Sole...... mano concessa!
E pure tutto il resto, se lo vuoi! :mrgreen:


----------



## contepinceton (17 Marzo 2012)

Non Registrato ha detto:


> non sono sposata...sono fidanzata da 6 anni! l'altro sa che sono fidanzata...non credo sai sia una questione di età o di essere sposati o no..ho comunque tradito e se l'ho fatto una volta...al momento non voglio perdere nessuno dei due..ma è insostenibile la cosa..non la vivi in pieno...sensi di colpa, bugie...e vedere l'altro che soffre perchè mi vorrebbe mi fa male!


Sto macinando...
Perchè hai aperto uno squarcio nel mio passato...
Uhm...sai quante quando ero all'università avevano il moroso ufficiale da tanti anni al paesello...e durante la settimana...con qualche compagno di corso...uhm...dei si era giovani...

Poi c'era una che era di una furbizia rara...
Si incappricciava di uno...chiedeva pausa di riflessione al moroso storico...così poi durante la pausa ufficialmente non erano assieme e si faceva la sua storietta, in genere due mesi, poi tornava assieme con il moroso ufficiale...

Ma a quei tempi...io ehm...poveraccio che sono...credevo che fosse normale così eh?

Mia moglie quella volta dopo essere entrata nel marasma...
Insomma si diede un stand by di due mesi in cui fanculo tutti...e poi sistemò le sue faccende eh?

Ma il tuo è un caso tipico...di una che si trova il moroso troppo giovane...e scopre dopo che il mondo è vario...


----------



## Sole (17 Marzo 2012)

Alce Veloce ha detto:


> Sole...... mano concessa!
> E pure tutto il resto, se lo vuoi! :mrgreen:


Lo voglio


----------



## Tebe (17 Marzo 2012)

io non ho capito qual'è il vero problema.
I sensi di colpa?
Il perdono a se stessi e non all'altro eventualmente?
Innamorata di entrambi???


----------



## Alce Veloce (17 Marzo 2012)

Sole ha detto:


> Lo voglio


Adesso glielo spieghi te a mia moglie il mio sorriso ebete eh!


----------



## contepinceton (17 Marzo 2012)

Tebe ha detto:


> io non ho capito qual'è il vero problema.
> I sensi di colpa?
> Il perdono a se stessi e non all'altro eventualmente?
> Innamorata di entrambi???


Tebe...aiutiamo questa povera ragazza!:carneval::carneval:

Si fa presto a dire...innamorati...no?


----------



## Tebe (17 Marzo 2012)

contepinceton ha detto:


> Tebe...aiutiamo questa povera ragazza!:carneval::carneval:
> 
> Si fa presto a dire...innamorati...no?


Conte.
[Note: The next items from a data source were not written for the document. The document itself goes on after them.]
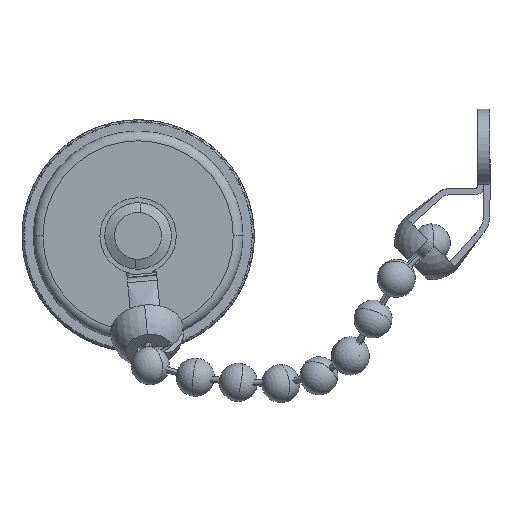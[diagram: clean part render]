
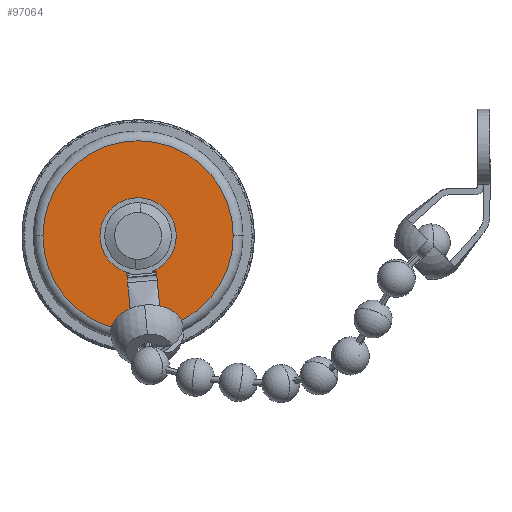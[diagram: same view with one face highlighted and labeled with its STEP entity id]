
A CAD part, top view. The second image highlights one B-rep face of the part: STEP entity #97064.
In plain terms, the highlighted planar face has unit normal (0, 0, 1).
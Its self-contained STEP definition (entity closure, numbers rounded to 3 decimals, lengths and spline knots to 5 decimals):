
#829 = VERTEX_POINT ( 'NONE', #95723 ) ;
#3227 = FACE_BOUND ( 'NONE', #40349, .T. ) ;
#5166 = EDGE_LOOP ( 'NONE', ( #110972, #58250 ) ) ;
#18810 = DIRECTION ( 'NONE',  ( 1., 0., 0. ) ) ;
#21197 = CARTESIAN_POINT ( 'NONE',  ( 0.3115, 0., 0. ) ) ;
#21697 = EDGE_CURVE ( 'NONE', #75144, #829, #78350, .T. ) ;
#26270 = AXIS2_PLACEMENT_3D ( 'NONE', #67822, #105892, #45560 ) ;
#30943 = EDGE_CURVE ( 'NONE', #60477, #41232, #113316, .T. ) ;
#32584 = CARTESIAN_POINT ( 'NONE',  ( 0., 0.0475, 0. ) ) ;
#34582 = CIRCLE ( 'NONE', #74455, 0.0475 ) ;
#40349 = EDGE_LOOP ( 'NONE', ( #80879, #82381 ) ) ;
#41232 = VERTEX_POINT ( 'NONE', #65287 ) ;
#45560 = DIRECTION ( 'NONE',  ( -1., 0., 0. ) ) ;
#56148 = CIRCLE ( 'NONE', #26270, 0.3115 ) ;
#58250 = ORIENTED_EDGE ( 'NONE', *, *, #30943, .T. ) ;
#60477 = VERTEX_POINT ( 'NONE', #21197 ) ;
#65287 = CARTESIAN_POINT ( 'NONE',  ( -0.3115, 0., 0. ) ) ;
#67510 = DIRECTION ( 'NONE',  ( 0., 0., 1. ) ) ;
#67822 = CARTESIAN_POINT ( 'NONE',  ( 0., 0., 0. ) ) ;
#69205 = EDGE_CURVE ( 'NONE', #41232, #60477, #56148, .T. ) ;
#71738 = DIRECTION ( 'NONE',  ( 1., 0., 0. ) ) ;
#74455 = AXIS2_PLACEMENT_3D ( 'NONE', #89260, #80505, #71738 ) ;
#75144 = VERTEX_POINT ( 'NONE', #78723 ) ;
#76865 = CARTESIAN_POINT ( 'NONE',  ( 0., 0., 0. ) ) ;
#77461 = AXIS2_PLACEMENT_3D ( 'NONE', #78771, #116857, #99968 ) ;
#78350 = CIRCLE ( 'NONE', #122255, 0.0475 ) ;
#78723 = CARTESIAN_POINT ( 'NONE',  ( -0.0475, 0., 0. ) ) ;
#78771 = CARTESIAN_POINT ( 'NONE',  ( 0., 0., 0. ) ) ;
#80505 = DIRECTION ( 'NONE',  ( 0., 0., 1. ) ) ;
#80879 = ORIENTED_EDGE ( 'NONE', *, *, #108916, .F. ) ;
#82381 = ORIENTED_EDGE ( 'NONE', *, *, #21697, .F. ) ;
#88188 = PLANE ( 'NONE',  #103255 ) ;
#89260 = CARTESIAN_POINT ( 'NONE',  ( 0., 0., 0. ) ) ;
#90044 = DIRECTION ( 'NONE',  ( 0., 0., -1. ) ) ;
#95723 = CARTESIAN_POINT ( 'NONE',  ( 0.0475, 0., 0. ) ) ;
#97064 = ADVANCED_FACE ( 'NONE', ( #97536, #3227 ), #88188, .F. ) ;
#97536 = FACE_OUTER_BOUND ( 'NONE', #5166, .T. ) ;
#98155 = DIRECTION ( 'NONE',  ( -1., 0., 0. ) ) ;
#99968 = DIRECTION ( 'NONE',  ( -1., 0., 0. ) ) ;
#103255 = AXIS2_PLACEMENT_3D ( 'NONE', #32584, #90044, #98155 ) ;
#105892 = DIRECTION ( 'NONE',  ( 0., 0., 1. ) ) ;
#108916 = EDGE_CURVE ( 'NONE', #829, #75144, #34582, .T. ) ;
#110972 = ORIENTED_EDGE ( 'NONE', *, *, #69205, .T. ) ;
#113316 = CIRCLE ( 'NONE', #77461, 0.3115 ) ;
#116857 = DIRECTION ( 'NONE',  ( 0., 0., 1. ) ) ;
#122255 = AXIS2_PLACEMENT_3D ( 'NONE', #76865, #67510, #18810 ) ;

Nelle questioni di corna sempre presente.
Ma non vorrei cominciare  a scrivere il mio pensiero sbagliando il bersaglio.
e poi te la dico tutta...non ho molta simpatia per chi tradisce e non perdonerebbe un tradimento...


----------



## contepinceton (17 Marzo 2012)

Tebe ha detto:


> Conte. Nelle questioni di corna sempre presente.
> Ma non vorrei cominciare  a scrivere il mio pensiero sbagliando il bersaglio.
> e poi te la dico tutta...non ho molta simpatia per chi tradisce e non perdonerebbe un tradimento...


Estremamente positivo direi...no?:up:
Ma l'eogismo è na bruta bestia!


----------



## Flavia (17 Marzo 2012)

Tebe ha detto:


> Conte. Nelle questioni di corna sempre presente.
> Ma non vorrei cominciare  a scrivere il mio pensiero sbagliando il bersaglio.*
> e poi te la dico tutta...non ho molta simpatia per chi tradisce e non perdonerebbe un tradimento*...


eppure è il pensiero di molte persone: "io posso, tu no!"
un pochettino incoerente questa filosofia di vita


----------



## Tebe (17 Marzo 2012)

Flavia ha detto:


> eppure è il pensiero di molte persone: "io posso, tu no!"
> un pochettino incoerente questa filosofia di vita


Non trovo sia incoerente. Trovo sia proprio meschino.


----------



## contepinceton (17 Marzo 2012)

Tebe ha detto:


> Non trovo sia incoerente. Trovo sia proprio meschino.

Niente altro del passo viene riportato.